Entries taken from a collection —

'''

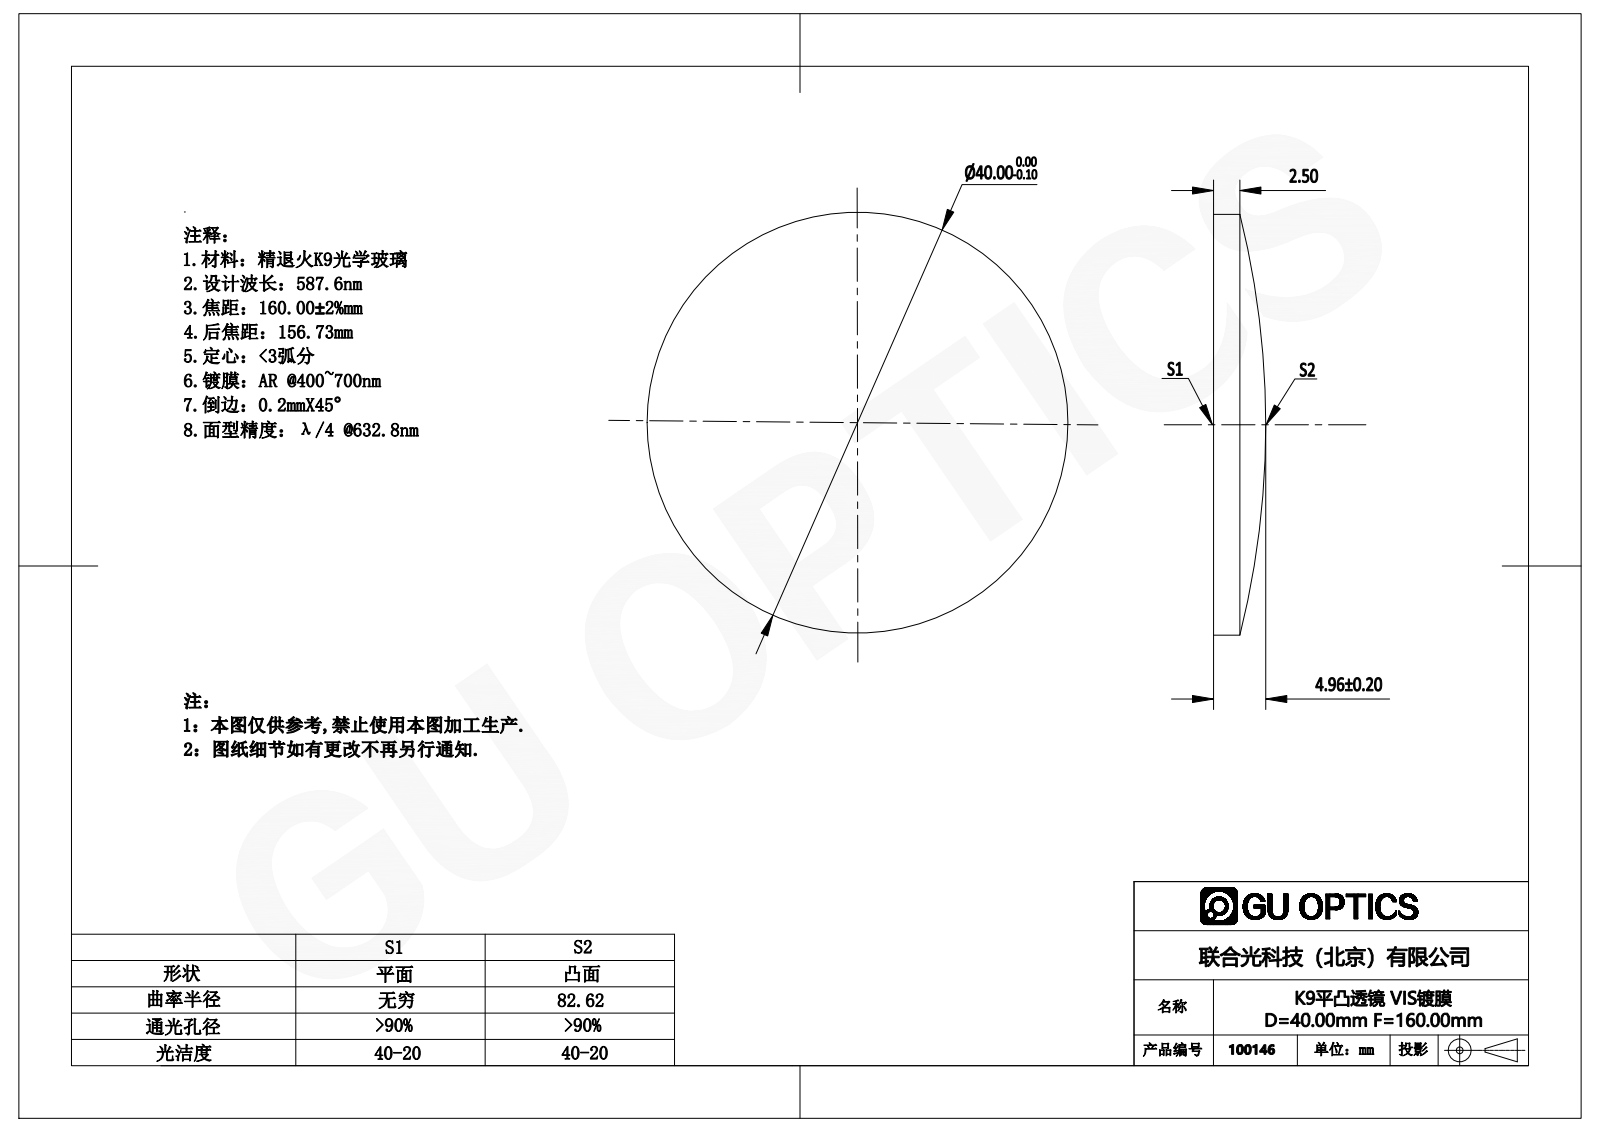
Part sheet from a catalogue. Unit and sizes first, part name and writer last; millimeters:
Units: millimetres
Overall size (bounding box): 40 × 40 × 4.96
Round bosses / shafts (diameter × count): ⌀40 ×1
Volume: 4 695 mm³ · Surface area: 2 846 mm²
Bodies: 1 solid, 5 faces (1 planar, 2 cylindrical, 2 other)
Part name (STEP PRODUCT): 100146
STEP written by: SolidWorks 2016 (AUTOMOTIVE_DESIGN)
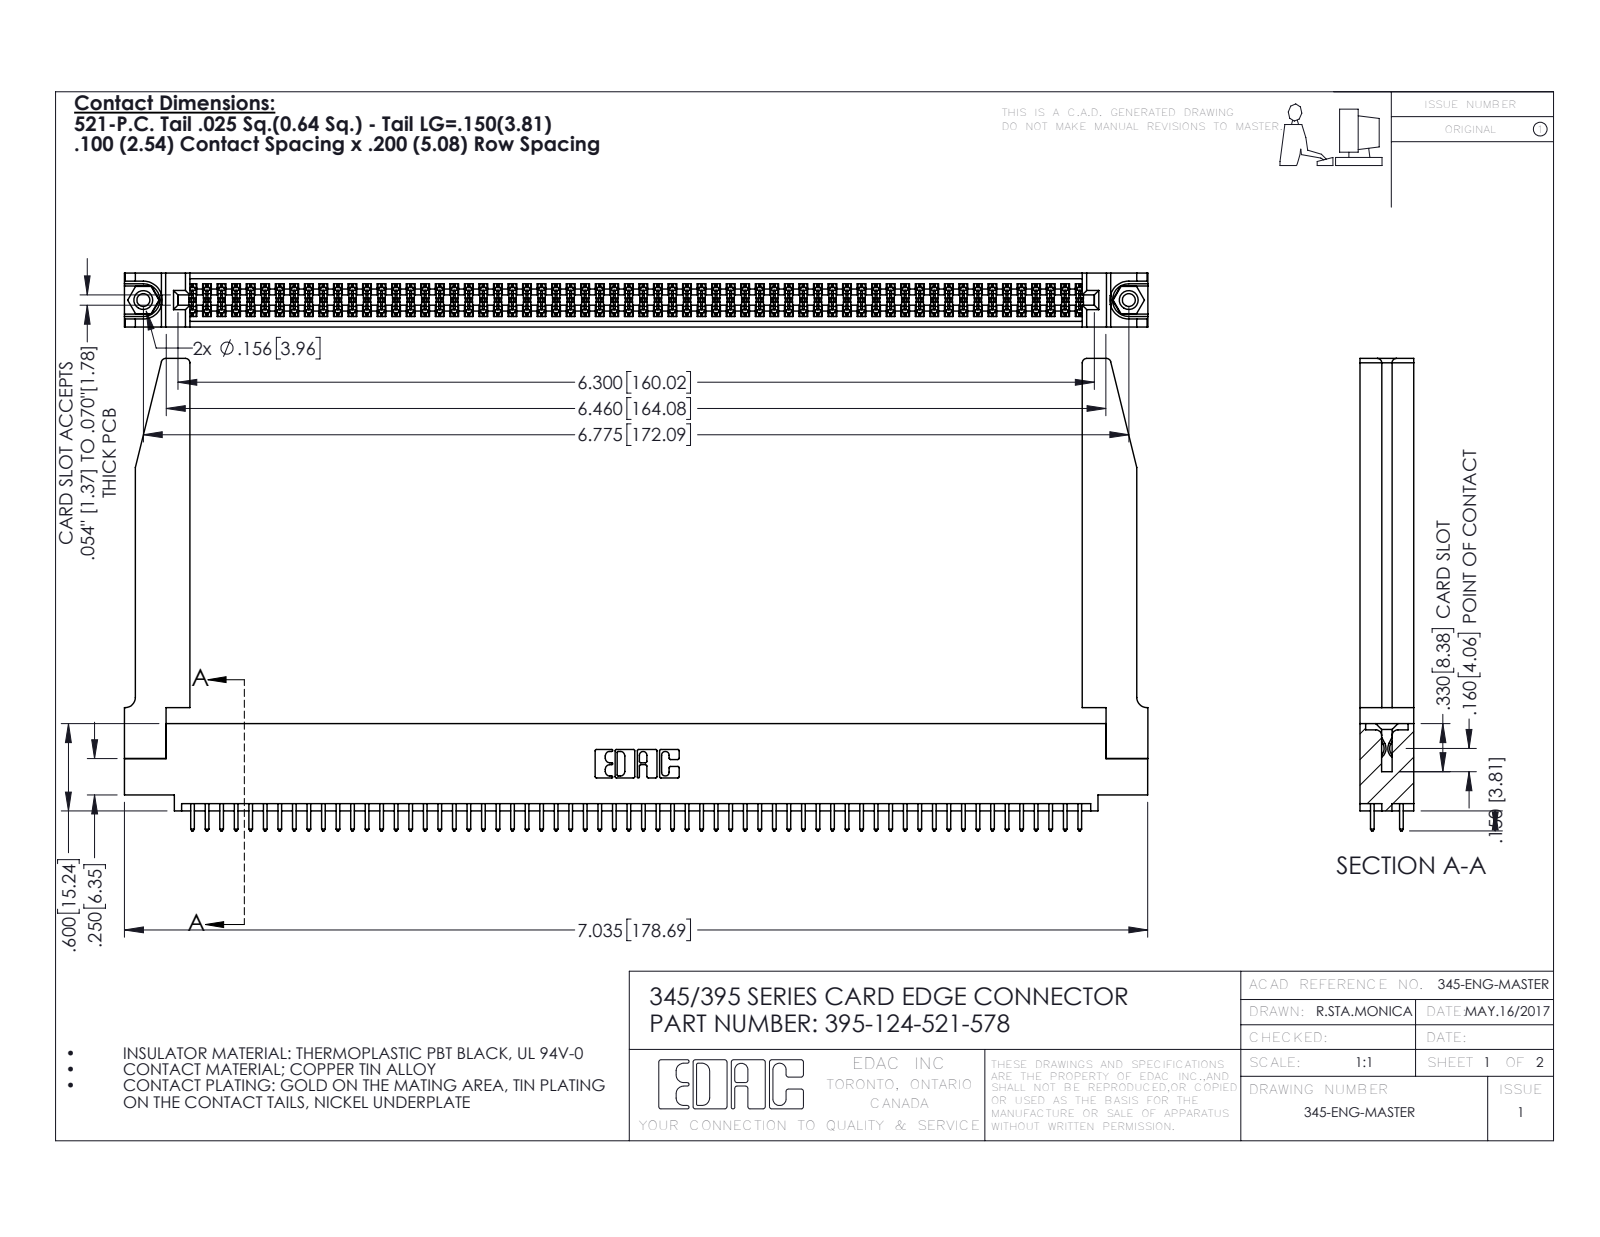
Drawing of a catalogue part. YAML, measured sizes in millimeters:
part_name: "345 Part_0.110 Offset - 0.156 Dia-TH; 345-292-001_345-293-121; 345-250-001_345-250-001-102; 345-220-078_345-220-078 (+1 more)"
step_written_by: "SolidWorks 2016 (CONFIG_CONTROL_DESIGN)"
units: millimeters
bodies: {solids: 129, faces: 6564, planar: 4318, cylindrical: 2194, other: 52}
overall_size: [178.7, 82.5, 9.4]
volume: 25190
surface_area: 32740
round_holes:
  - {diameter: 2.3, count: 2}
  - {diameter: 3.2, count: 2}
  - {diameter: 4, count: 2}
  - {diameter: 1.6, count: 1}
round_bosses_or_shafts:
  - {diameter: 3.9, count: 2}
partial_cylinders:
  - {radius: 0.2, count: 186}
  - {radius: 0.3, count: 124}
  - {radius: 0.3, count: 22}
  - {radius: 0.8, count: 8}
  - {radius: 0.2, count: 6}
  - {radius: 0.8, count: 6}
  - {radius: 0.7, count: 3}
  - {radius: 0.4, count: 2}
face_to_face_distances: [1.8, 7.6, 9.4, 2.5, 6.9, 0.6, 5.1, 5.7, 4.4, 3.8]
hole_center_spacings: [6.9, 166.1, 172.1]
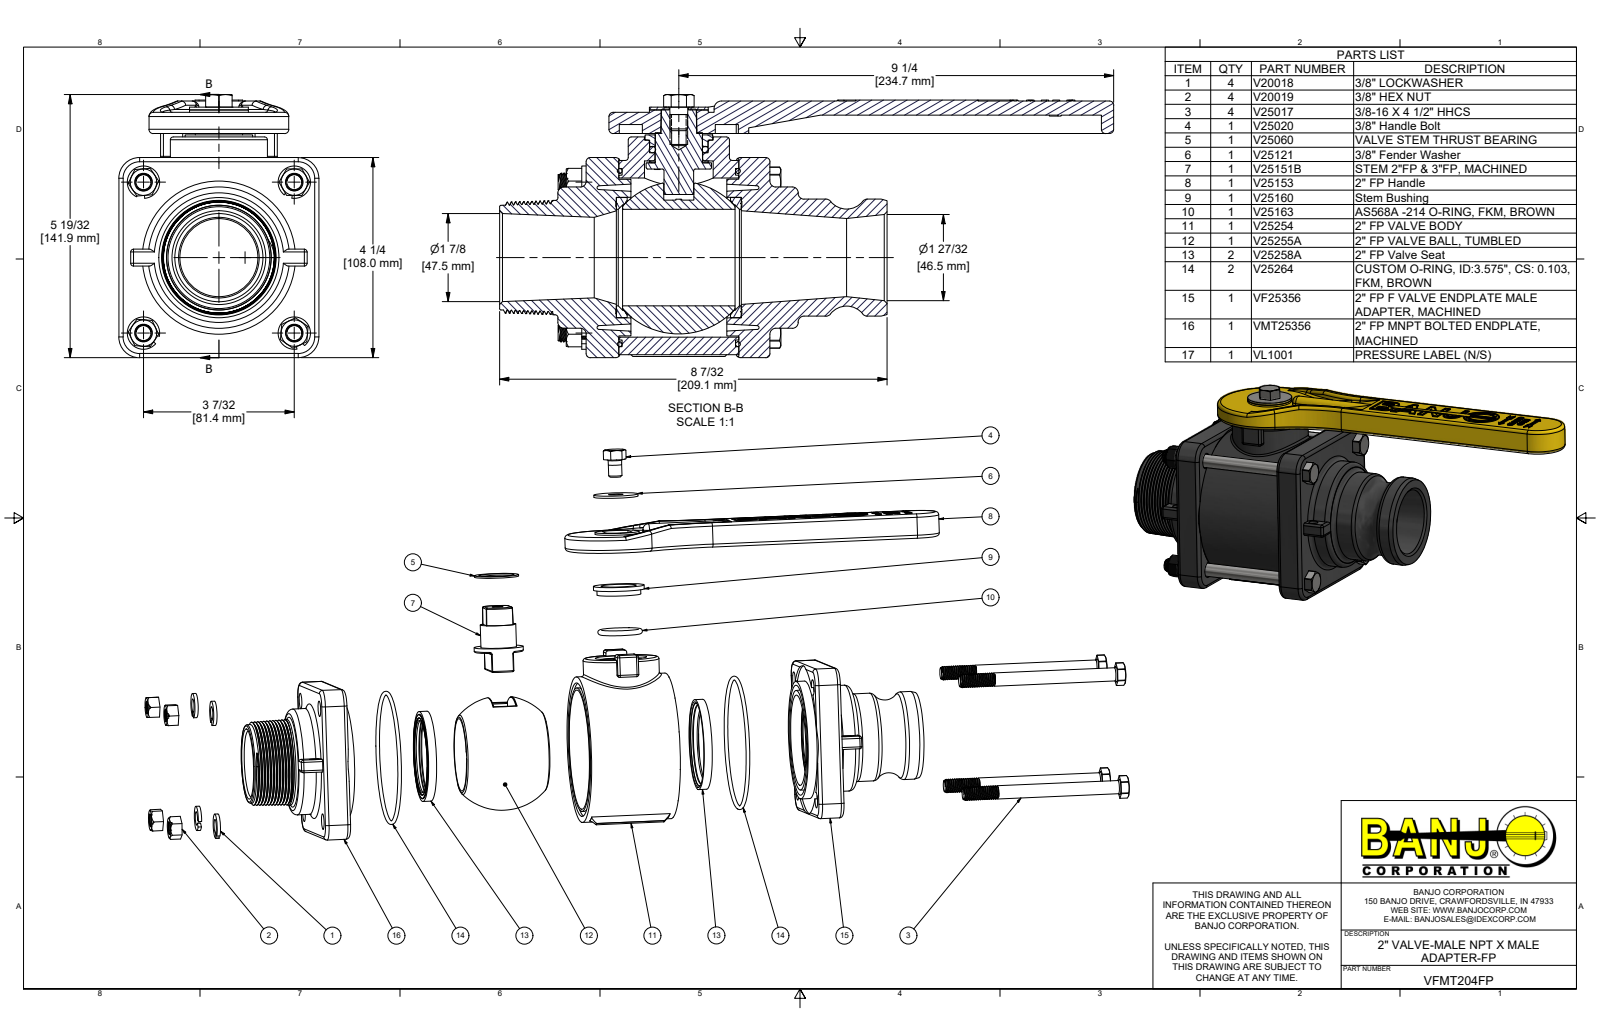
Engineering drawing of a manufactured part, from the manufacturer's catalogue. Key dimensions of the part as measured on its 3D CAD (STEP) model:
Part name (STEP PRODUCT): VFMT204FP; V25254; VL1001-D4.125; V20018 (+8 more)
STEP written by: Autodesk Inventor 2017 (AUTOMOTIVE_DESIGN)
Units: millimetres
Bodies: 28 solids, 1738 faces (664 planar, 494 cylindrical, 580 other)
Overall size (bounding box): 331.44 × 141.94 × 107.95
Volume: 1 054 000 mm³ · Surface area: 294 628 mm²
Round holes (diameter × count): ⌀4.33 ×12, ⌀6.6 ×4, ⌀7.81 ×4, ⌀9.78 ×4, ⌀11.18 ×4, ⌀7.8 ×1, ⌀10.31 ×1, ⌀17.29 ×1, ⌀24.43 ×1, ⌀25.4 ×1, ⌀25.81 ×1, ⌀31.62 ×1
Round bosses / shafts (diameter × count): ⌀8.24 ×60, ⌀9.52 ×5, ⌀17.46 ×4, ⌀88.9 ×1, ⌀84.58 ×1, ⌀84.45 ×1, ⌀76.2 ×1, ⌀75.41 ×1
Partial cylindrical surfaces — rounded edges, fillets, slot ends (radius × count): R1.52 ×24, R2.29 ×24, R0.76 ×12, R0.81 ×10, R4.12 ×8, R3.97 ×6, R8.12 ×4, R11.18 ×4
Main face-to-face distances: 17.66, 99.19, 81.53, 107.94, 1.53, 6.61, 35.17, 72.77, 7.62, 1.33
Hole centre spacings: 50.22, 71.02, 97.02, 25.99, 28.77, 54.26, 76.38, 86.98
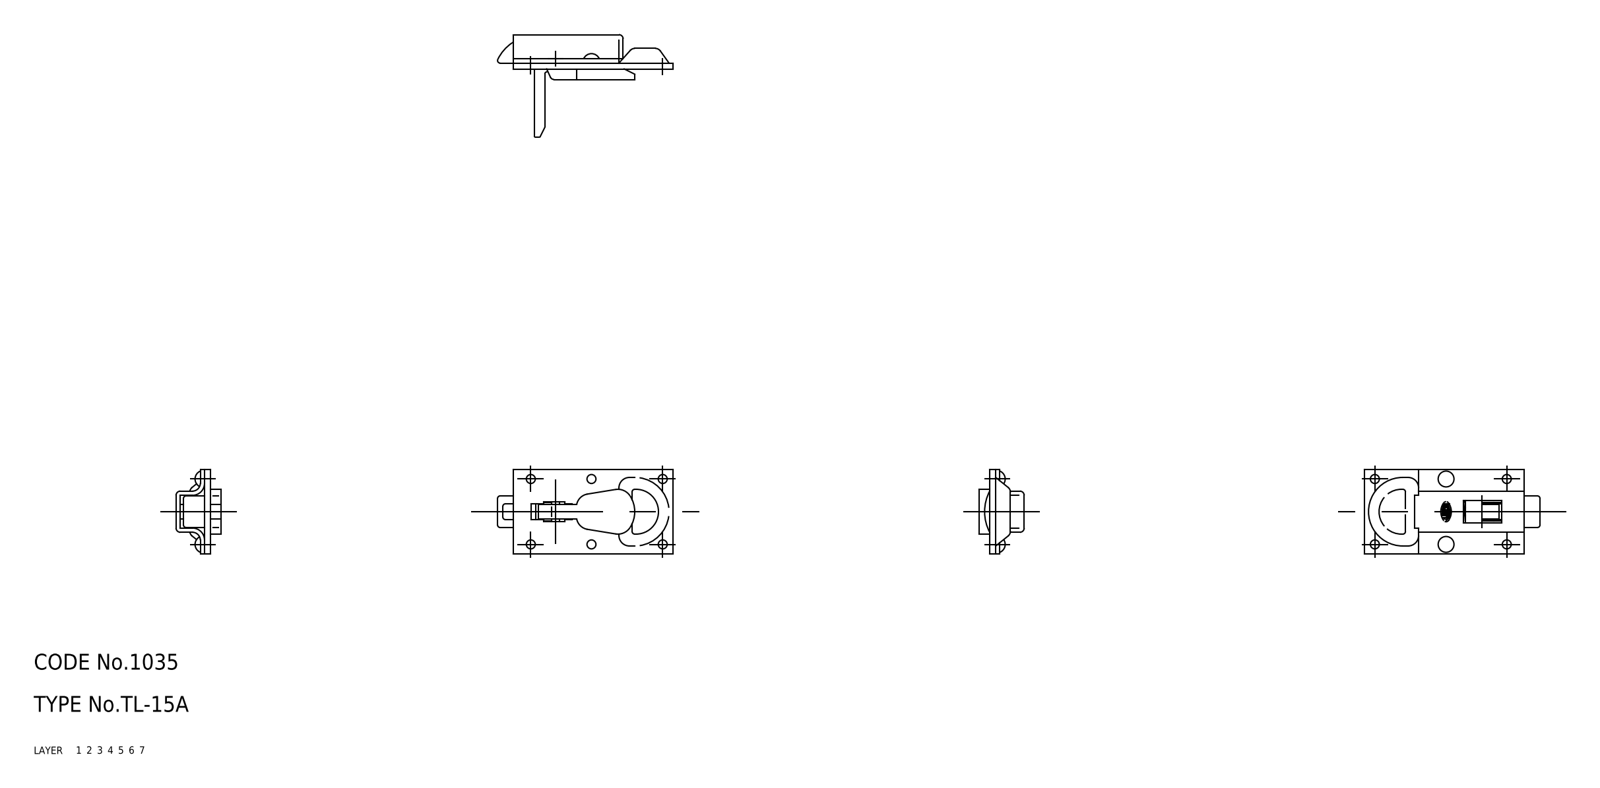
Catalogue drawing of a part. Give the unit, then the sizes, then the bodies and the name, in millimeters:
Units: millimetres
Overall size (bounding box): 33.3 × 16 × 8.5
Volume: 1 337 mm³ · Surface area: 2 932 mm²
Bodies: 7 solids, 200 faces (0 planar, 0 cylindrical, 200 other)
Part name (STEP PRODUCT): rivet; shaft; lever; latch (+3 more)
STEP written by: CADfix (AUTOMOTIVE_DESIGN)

'''

EXERCISE DESCRIPTION — The line containing "Engineering drawing of" and every line after it, through the end of the records, are what you should retype exactly. Do not include the pictures.

SOLUTION —
Engineering drawing of a manufactured part, from the manufacturer's catalogue. Key dimensions of the part as measured on its 3D CAD (STEP) model:
Part name (STEP PRODUCT): VFMT204FP; V25254; VL1001-D4.125; V20018 (+8 more)
STEP written by: Autodesk Inventor 2017 (AUTOMOTIVE_DESIGN)
Units: millimetres
Bodies: 28 solids, 1738 faces (664 planar, 494 cylindrical, 580 other)
Overall size (bounding box): 331.44 × 141.94 × 107.95
Volume: 1 054 000 mm³ · Surface area: 294 628 mm²
Round holes (diameter × count): ⌀4.33 ×12, ⌀6.6 ×4, ⌀7.81 ×4, ⌀9.78 ×4, ⌀11.18 ×4, ⌀7.8 ×1, ⌀10.31 ×1, ⌀17.29 ×1, ⌀24.43 ×1, ⌀25.4 ×1, ⌀25.81 ×1, ⌀31.62 ×1
Round bosses / shafts (diameter × count): ⌀8.24 ×60, ⌀9.52 ×5, ⌀17.46 ×4, ⌀88.9 ×1, ⌀84.58 ×1, ⌀84.45 ×1, ⌀76.2 ×1, ⌀75.41 ×1
Partial cylindrical surfaces — rounded edges, fillets, slot ends (radius × count): R1.52 ×24, R2.29 ×24, R0.76 ×12, R0.81 ×10, R4.12 ×8, R3.97 ×6, R8.12 ×4, R11.18 ×4
Main face-to-face distances: 17.66, 99.19, 81.53, 107.94, 1.53, 6.61, 35.17, 72.77, 7.62, 1.33
Hole centre spacings: 50.22, 71.02, 97.02, 25.99, 28.77, 54.26, 76.38, 86.98
Catalogue drawing of a part. Give the unit, then the sizes, then the bodies and the name, in millimeters:
Units: millimetres
Overall size (bounding box): 33.3 × 16 × 8.5
Volume: 1 337 mm³ · Surface area: 2 932 mm²
Bodies: 7 solids, 200 faces (0 planar, 0 cylindrical, 200 other)
Part name (STEP PRODUCT): rivet; shaft; lever; latch (+3 more)
STEP written by: CADfix (AUTOMOTIVE_DESIGN)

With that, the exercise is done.